Despite improving splenomegaly and symptoms in patients with myelofibrosis, ruxolitinib has not been helpful for managing cytopenias in this population, according to Wendy Stock, MD, of the University of Chicago.
“Additional trials are underway with novel [JAK] inhibitors, with some hints about improvements in cytopenias,” she said. For example, in a phase I/II trial, CYT387 improved anemia in half of patients, including 58% of those who were transfusion dependent.1
“Novel agents are still desperately need for the patients with disease progression and worsening cytopenias,” Dr. Stock contended. One showing promise in clinical trials is pomalidomide, which appears especially effective for anemia in patients with JAK2 mutations. And epigenetic modulators, such as decitabine (Dacogen), are showing impressive activity in small studies.
“Could you use these drugs in combination with the JAK inhibitors?” she asked. “I think those are the trials that we are going to see as the next generation of studies in these disorders.”

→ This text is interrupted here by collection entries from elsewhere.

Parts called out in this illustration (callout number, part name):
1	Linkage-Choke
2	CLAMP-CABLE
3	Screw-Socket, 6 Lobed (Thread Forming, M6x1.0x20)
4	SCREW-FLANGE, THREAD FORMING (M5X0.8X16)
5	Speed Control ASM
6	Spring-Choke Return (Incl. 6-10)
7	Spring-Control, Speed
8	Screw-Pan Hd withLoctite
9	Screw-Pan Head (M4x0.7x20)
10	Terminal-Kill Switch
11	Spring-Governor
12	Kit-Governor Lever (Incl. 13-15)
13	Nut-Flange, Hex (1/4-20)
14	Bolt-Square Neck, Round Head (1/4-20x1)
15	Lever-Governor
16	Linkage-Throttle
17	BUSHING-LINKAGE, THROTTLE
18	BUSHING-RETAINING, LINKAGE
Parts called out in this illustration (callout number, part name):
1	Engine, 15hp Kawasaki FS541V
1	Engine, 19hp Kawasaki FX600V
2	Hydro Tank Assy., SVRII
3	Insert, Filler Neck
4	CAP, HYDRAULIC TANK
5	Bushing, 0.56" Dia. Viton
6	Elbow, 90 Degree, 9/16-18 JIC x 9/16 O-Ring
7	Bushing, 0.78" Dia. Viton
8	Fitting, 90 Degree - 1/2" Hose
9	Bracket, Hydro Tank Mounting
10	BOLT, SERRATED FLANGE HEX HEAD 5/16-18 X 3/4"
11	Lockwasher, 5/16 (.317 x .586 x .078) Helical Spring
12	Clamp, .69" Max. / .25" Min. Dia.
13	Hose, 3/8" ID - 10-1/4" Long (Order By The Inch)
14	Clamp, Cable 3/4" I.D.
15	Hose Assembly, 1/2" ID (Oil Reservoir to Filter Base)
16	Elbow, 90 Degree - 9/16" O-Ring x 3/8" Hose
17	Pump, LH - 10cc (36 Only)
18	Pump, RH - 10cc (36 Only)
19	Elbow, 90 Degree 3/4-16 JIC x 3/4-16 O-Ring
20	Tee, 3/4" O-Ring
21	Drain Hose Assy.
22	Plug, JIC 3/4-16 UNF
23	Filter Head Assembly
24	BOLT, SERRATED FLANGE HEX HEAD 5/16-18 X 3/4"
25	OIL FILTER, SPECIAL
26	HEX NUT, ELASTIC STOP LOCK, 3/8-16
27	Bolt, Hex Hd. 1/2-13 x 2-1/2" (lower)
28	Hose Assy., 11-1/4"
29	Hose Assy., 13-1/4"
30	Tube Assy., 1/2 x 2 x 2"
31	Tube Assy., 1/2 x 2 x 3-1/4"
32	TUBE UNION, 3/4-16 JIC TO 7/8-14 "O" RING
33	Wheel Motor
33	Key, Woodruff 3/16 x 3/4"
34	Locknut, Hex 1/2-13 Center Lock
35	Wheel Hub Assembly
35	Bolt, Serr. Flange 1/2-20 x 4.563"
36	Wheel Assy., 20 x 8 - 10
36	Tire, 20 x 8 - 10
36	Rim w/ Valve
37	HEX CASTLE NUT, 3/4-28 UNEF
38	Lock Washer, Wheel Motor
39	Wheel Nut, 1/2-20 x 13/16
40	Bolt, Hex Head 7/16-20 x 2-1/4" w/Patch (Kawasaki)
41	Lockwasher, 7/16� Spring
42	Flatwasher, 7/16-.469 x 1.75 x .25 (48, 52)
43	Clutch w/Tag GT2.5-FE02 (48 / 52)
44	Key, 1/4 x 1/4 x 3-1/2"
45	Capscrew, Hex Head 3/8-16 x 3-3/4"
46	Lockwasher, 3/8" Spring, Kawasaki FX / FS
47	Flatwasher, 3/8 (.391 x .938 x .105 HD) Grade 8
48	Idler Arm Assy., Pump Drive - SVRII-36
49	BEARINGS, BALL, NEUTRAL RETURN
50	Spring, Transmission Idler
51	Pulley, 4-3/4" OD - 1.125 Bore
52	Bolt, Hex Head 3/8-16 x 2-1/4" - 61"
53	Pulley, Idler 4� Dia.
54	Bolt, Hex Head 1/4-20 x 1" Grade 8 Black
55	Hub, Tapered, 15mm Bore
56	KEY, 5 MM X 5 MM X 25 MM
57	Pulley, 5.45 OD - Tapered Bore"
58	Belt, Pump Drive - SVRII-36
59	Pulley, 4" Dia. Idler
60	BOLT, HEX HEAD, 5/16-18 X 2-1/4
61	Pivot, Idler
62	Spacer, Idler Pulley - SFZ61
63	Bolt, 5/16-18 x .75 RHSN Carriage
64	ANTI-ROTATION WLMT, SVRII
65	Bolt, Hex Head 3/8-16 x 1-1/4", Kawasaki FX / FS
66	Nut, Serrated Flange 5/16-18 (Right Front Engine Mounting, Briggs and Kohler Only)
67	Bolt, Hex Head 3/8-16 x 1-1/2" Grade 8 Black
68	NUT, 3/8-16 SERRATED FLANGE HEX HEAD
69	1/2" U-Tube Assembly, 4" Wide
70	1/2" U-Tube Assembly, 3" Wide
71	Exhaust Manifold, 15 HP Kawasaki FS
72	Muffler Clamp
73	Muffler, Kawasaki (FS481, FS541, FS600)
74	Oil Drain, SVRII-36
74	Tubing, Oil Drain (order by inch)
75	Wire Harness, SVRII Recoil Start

Dr. Stock concluded, “So we have hope for symptom management, some suggestion of actual change in natural history of the disease, but really a long way to go.” Nonetheless, this is “a very exciting time for the myeloproliferative disorders, which have been on the back burner for many years.” ■
1. Pardanani AD, Caramazza D, George G, et al: Safety and efficacy of CYT387, a JAK-1/2 inhibitor, for the treatment of myelofibrosis. 2011 ASCO Annual Meeting. Abstract 6514. Presented June 3, 2011.